I'm hiding under the bed and the springs are pressing down, flattening my hair and flattening my thoughts. I can hear screams- loud and piercing and wild and inside I am screaming too- more than they are- I just can't let it be heard.

Someone tries my door and my heart is in my mouth. I might throw it up any second. Will they go away- there's a horrible sound and suddenly the smoke is in my hair and my eyes and my throat and I see the feet walk in. They pace the room and I can't take it anymore. I shut my eyes but I haven't learnt how to shut my ears. The screams are louder and the glass shatters and the smoke is pouring into the pores of my skin and as stupid as it sounds, I really wish I'd had that chocolate cake for dessert. I pick up my phone to send a text. But to who? And what do I say? "I'm okay" is a lie and "I think I'm going to die" is too close to the truth. So I put it down again and close my eyes.

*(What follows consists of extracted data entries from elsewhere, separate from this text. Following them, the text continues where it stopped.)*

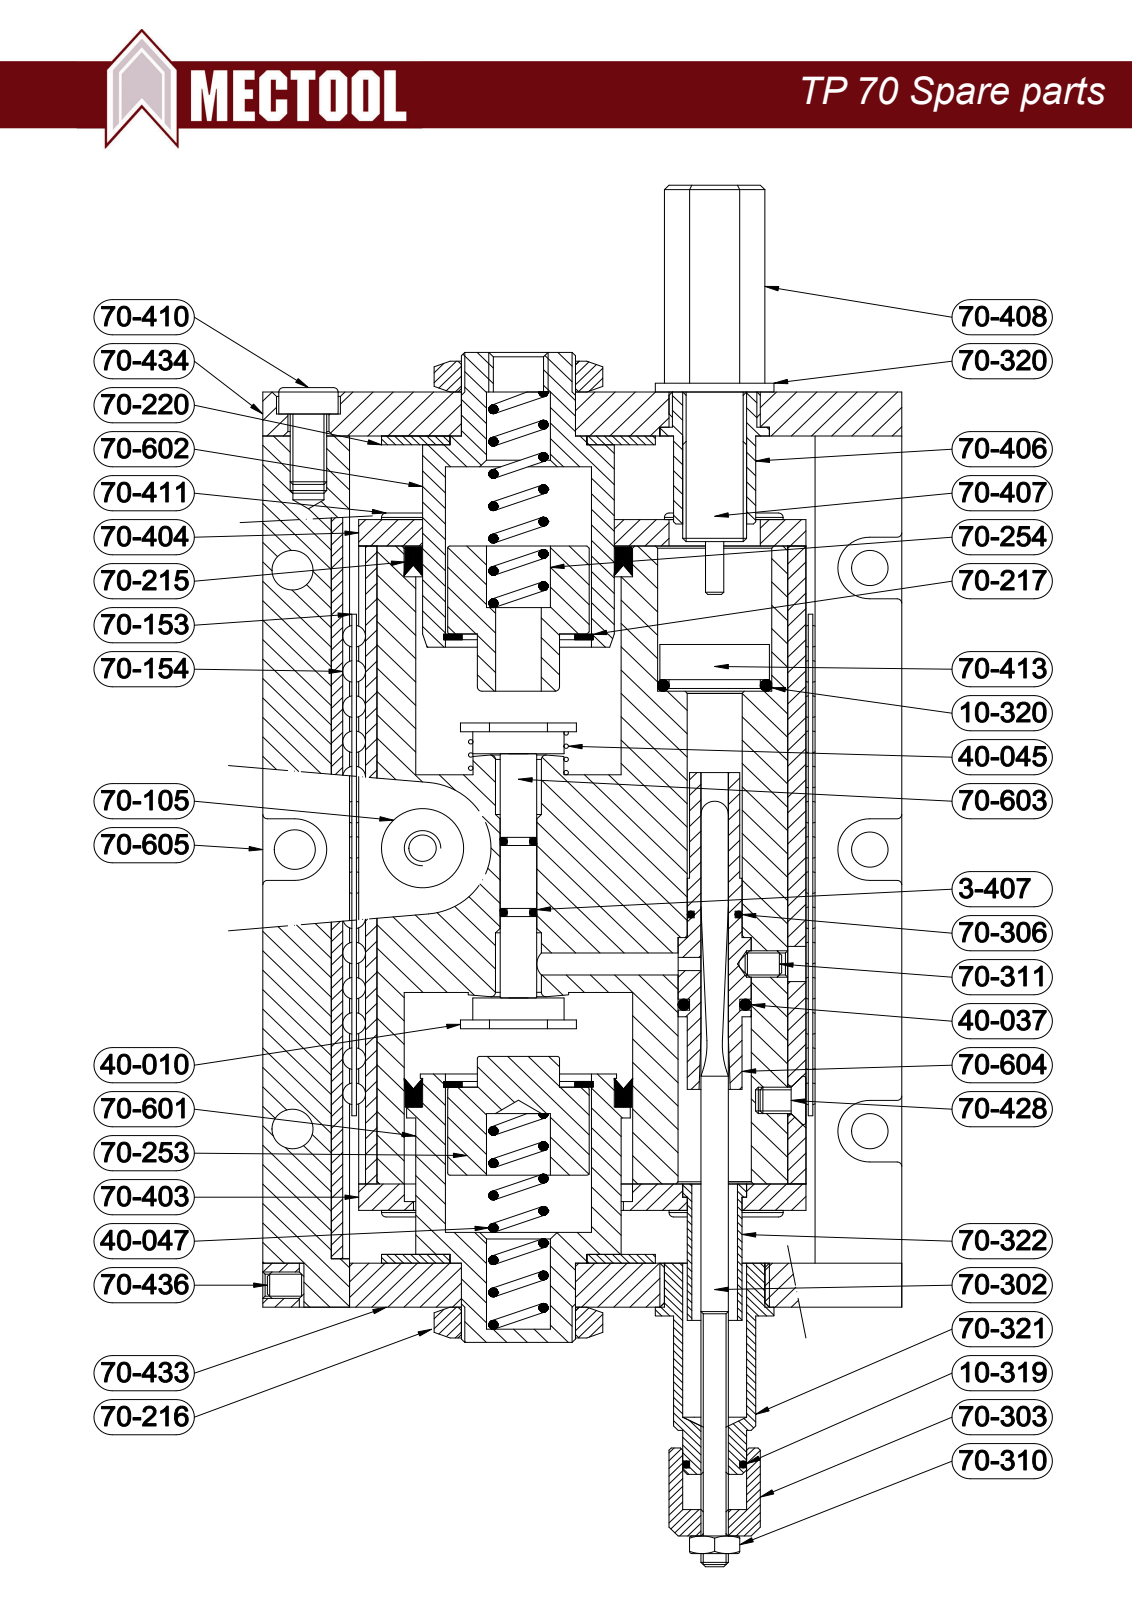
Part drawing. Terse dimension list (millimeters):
name: Bolt : Hex - M12,0 x 30,0; Nut : Standard - M22,0 x 266,7; Bolt : Hex - M22,0 x 30,0; Screw : Socket - M8,0 x 25,0 (+1 more)
written by: Spatial InterOp 3D (automotive_design)
unit: mm
bodies: 86 solids, 2832 faces (2425 planar, 282 cylindrical, 125 other)
size: 325 × 140 × 77
volume: 2 127 000 mm³; area: 358 219 mm²
holes: 13× ⌀9, 6× ⌀7, 6× ⌀18, 4× ⌀3.3, 4× ⌀13, 2× ⌀20, 1× ⌀5, 1× ⌀9.25, 1× ⌀19.5, 1× ⌀42, 1× ⌀46
bosses: 10× ⌀8, 6× ⌀4, 4× ⌀12.85, 1× ⌀60, 1× ⌀27, 1× ⌀25, 1× ⌀20, 1× ⌀19.5
rounds: 24× R0.77, 16× R1.5, 6× R7, 4× R5.5, 1× R9.8, 1× R10
face distances: 2, 19, 121, 10, 100, 21, 119, 198, 6, 75
hole spacings: 127, 60.6, 63.5, 140.26, 141.99, 70, 15, 17
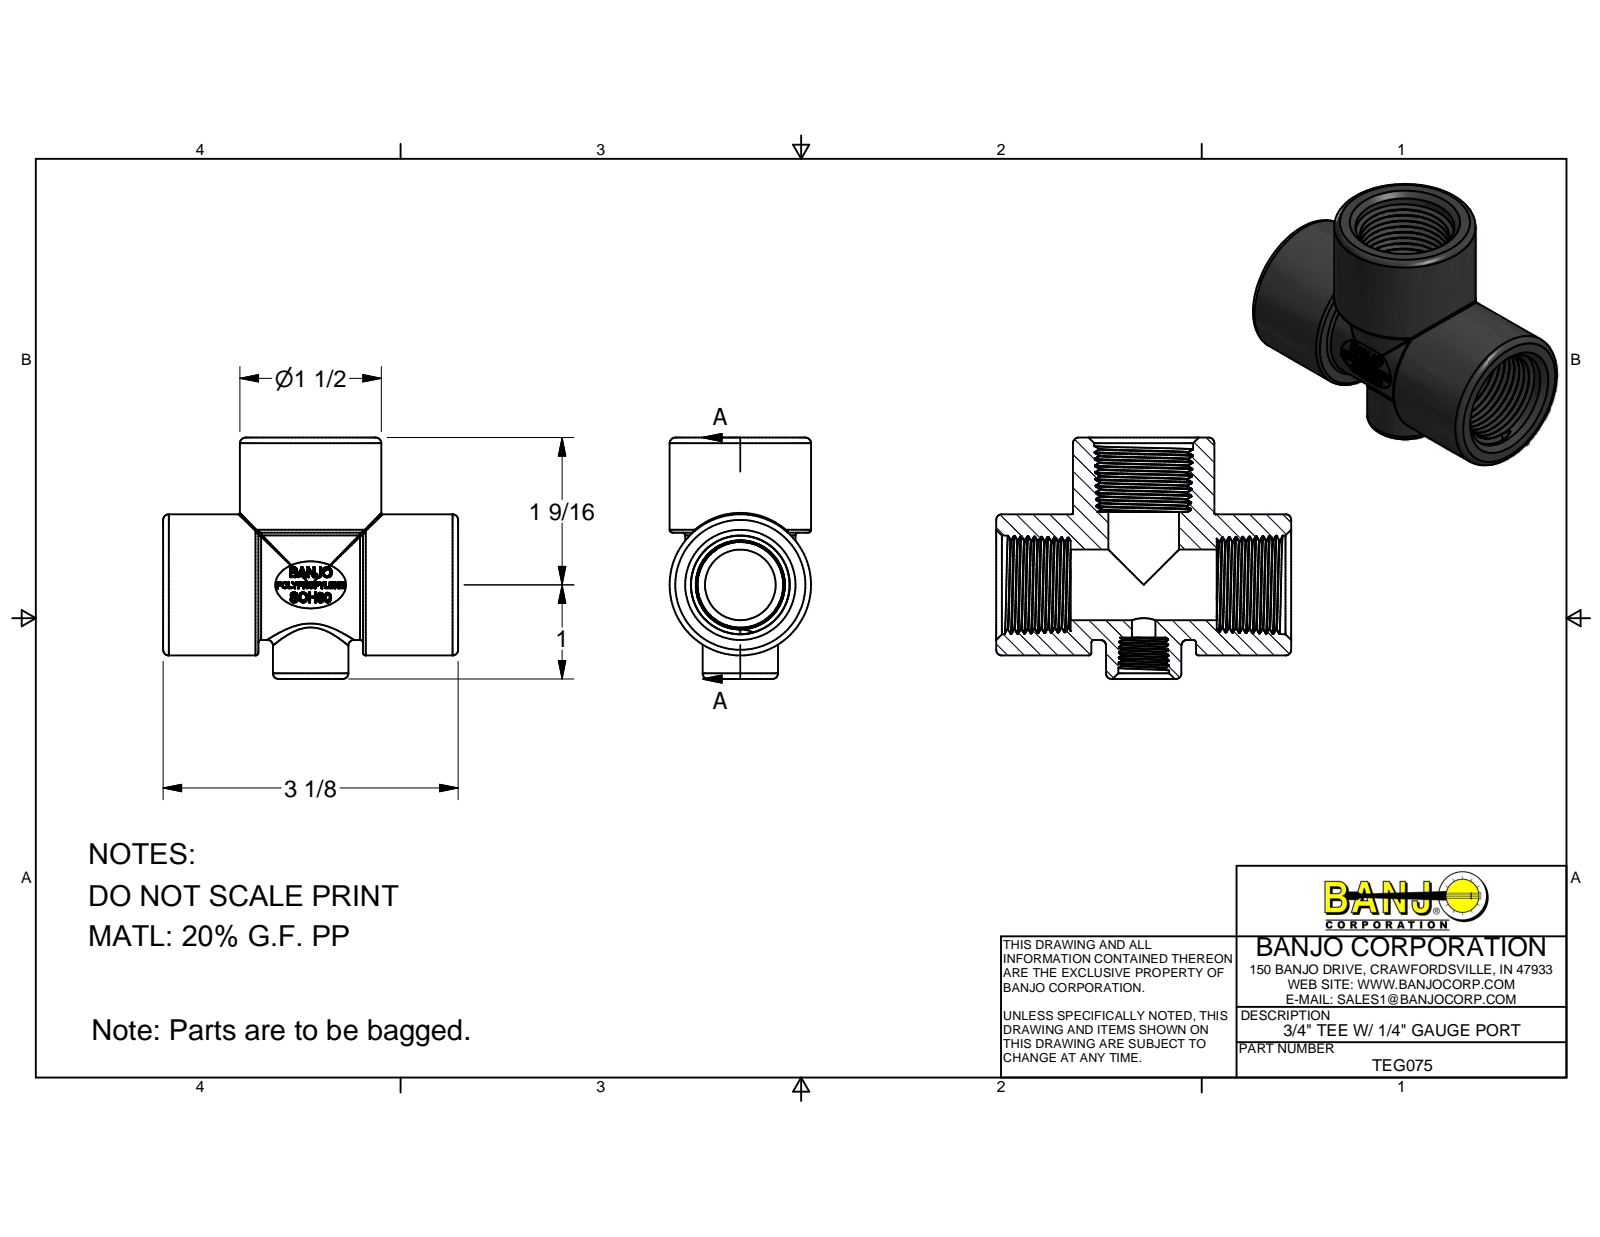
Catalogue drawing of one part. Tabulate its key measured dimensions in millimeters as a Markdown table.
| quantity | value |
| --- | --- |
| part name | TEG075 |
| STEP written by | Autodesk Inventor 2014 (AUTOMOTIVE_DESIGN) |
| units | millimeters |
| bodies | 1 solid, 456 faces (144 planar, 58 cylindrical, 254 other) |
| overall size | 79.5 × 65.15 × 38.1 |
| volume | 64 825 mm³ |
| surface area | 26 012 mm² |
| round holes (diameter × count) | 19.05 × 2, 6.35 × 1 |
| round bosses / shafts (diameter × count) | 38.1 × 2, 29.72 × 1, 20.32 × 1 |
| partial cylindrical surfaces (radius × count) | 7.94 × 3, 0.38 × 2, 14.61 × 2, 4.36 × 1, 14.86 × 1, 15.37 × 1 |
| main face-to-face distances | 25.65, 20.07, 5.58, 53.85, 59.43, 33.78, 79.5, 28.2, 39.36, 28.32 |

The feet are in the bathroom now and I hear the mirror crack. They've broken the mirror. Does this mean bad luck for them or does it mean bad luck for me? Or both of us? Maybe they'll be killed, which is bad luck for them, but they'd already have killed me first- bad luck for...

I slap myself. Mentally of course, because I don't have the energy to lift my hand. The smoke seems to have sapped it all out. I can't breathe very well either but I can hear my heart beat faster than a hummingbird. Does a hummingbird beat? It flitters, doesn't it?

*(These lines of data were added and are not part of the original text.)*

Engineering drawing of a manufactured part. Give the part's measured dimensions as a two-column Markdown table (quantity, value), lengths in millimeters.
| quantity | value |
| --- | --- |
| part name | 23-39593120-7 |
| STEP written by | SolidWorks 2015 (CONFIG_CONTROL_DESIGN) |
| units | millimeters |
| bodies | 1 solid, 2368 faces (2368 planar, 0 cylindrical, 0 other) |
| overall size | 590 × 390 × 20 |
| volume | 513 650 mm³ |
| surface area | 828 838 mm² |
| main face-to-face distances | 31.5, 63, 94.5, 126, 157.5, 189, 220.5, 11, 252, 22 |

Why am I thinking stupid things when I am about to die? The smoke has seeped through my skin now and it's mingled with my blood. I can taste it in my mouth. I close my eyes tighter because it makes me feel just a little more alive. I really don't want to die. What I wouldn't give to have a sip of lemon barley or to see the stars or to even breathe the fresh air. As fresh as it gets in Bombay.

The sea. Will I ever feel that piercing stinging breeze that only belongs to the sea and to nothing else? Will it hit my cheek, cutting it open, pouring into me, getting rid of the dust and the dirt and the death?

But I can't feel anything except smoke. And heat. The feet have gone now but I don't really care. My eyes are heavy and I can't breathe properly anymore. I can feel myself tumbling through the darkness.

Will I be in the newspapers tomorrow?

4 comments:

joey said...

oh sheesh.this be the fat nosed woman?

'they are in the bathroom' one?

Trish. said...

no.

sunrise said...

what's this all about?

Trish. said...

bombay blasts.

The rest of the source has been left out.